» YOUR ASSIGNMENT
Please write each entry out again exactly as shown.
---------- THE INPUT
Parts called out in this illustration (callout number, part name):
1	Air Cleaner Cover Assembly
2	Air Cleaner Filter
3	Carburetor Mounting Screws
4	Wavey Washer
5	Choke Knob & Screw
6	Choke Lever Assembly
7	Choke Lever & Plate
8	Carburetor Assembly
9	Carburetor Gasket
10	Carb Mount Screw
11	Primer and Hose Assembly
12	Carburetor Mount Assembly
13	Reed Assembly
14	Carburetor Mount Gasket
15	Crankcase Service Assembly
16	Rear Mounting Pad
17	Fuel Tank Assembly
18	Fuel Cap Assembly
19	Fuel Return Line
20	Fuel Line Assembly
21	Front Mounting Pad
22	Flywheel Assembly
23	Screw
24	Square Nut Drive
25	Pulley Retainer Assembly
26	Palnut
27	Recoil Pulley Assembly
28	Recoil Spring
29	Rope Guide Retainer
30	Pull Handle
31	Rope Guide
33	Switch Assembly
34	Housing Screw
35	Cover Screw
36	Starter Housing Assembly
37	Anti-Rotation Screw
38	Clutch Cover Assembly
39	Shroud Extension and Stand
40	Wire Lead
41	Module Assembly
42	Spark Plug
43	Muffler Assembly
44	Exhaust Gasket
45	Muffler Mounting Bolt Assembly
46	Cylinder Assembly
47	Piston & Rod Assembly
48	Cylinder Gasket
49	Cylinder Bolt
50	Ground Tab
--------------------
» EXPECTED OUTPUT
Parts called out in this illustration (callout number, part name):
1	Air Cleaner Cover Assembly
2	Air Cleaner Filter
3	Carburetor Mounting Screws
4	Wavey Washer
5	Choke Knob & Screw
6	Choke Lever Assembly
7	Choke Lever & Plate
8	Carburetor Assembly
9	Carburetor Gasket
10	Carb Mount Screw
11	Primer and Hose Assembly
12	Carburetor Mount Assembly
13	Reed Assembly
14	Carburetor Mount Gasket
15	Crankcase Service Assembly
16	Rear Mounting Pad
17	Fuel Tank Assembly
18	Fuel Cap Assembly
19	Fuel Return Line
20	Fuel Line Assembly
21	Front Mounting Pad
22	Flywheel Assembly
23	Screw
24	Square Nut Drive
25	Pulley Retainer Assembly
26	Palnut
27	Recoil Pulley Assembly
28	Recoil Spring
29	Rope Guide Retainer
30	Pull Handle
31	Rope Guide
33	Switch Assembly
34	Housing Screw
35	Cover Screw
36	Starter Housing Assembly
37	Anti-Rotation Screw
38	Clutch Cover Assembly
39	Shroud Extension and Stand
40	Wire Lead
41	Module Assembly
42	Spark Plug
43	Muffler Assembly
44	Exhaust Gasket
45	Muffler Mounting Bolt Assembly
46	Cylinder Assembly
47	Piston & Rod Assembly
48	Cylinder Gasket
49	Cylinder Bolt
50	Ground Tab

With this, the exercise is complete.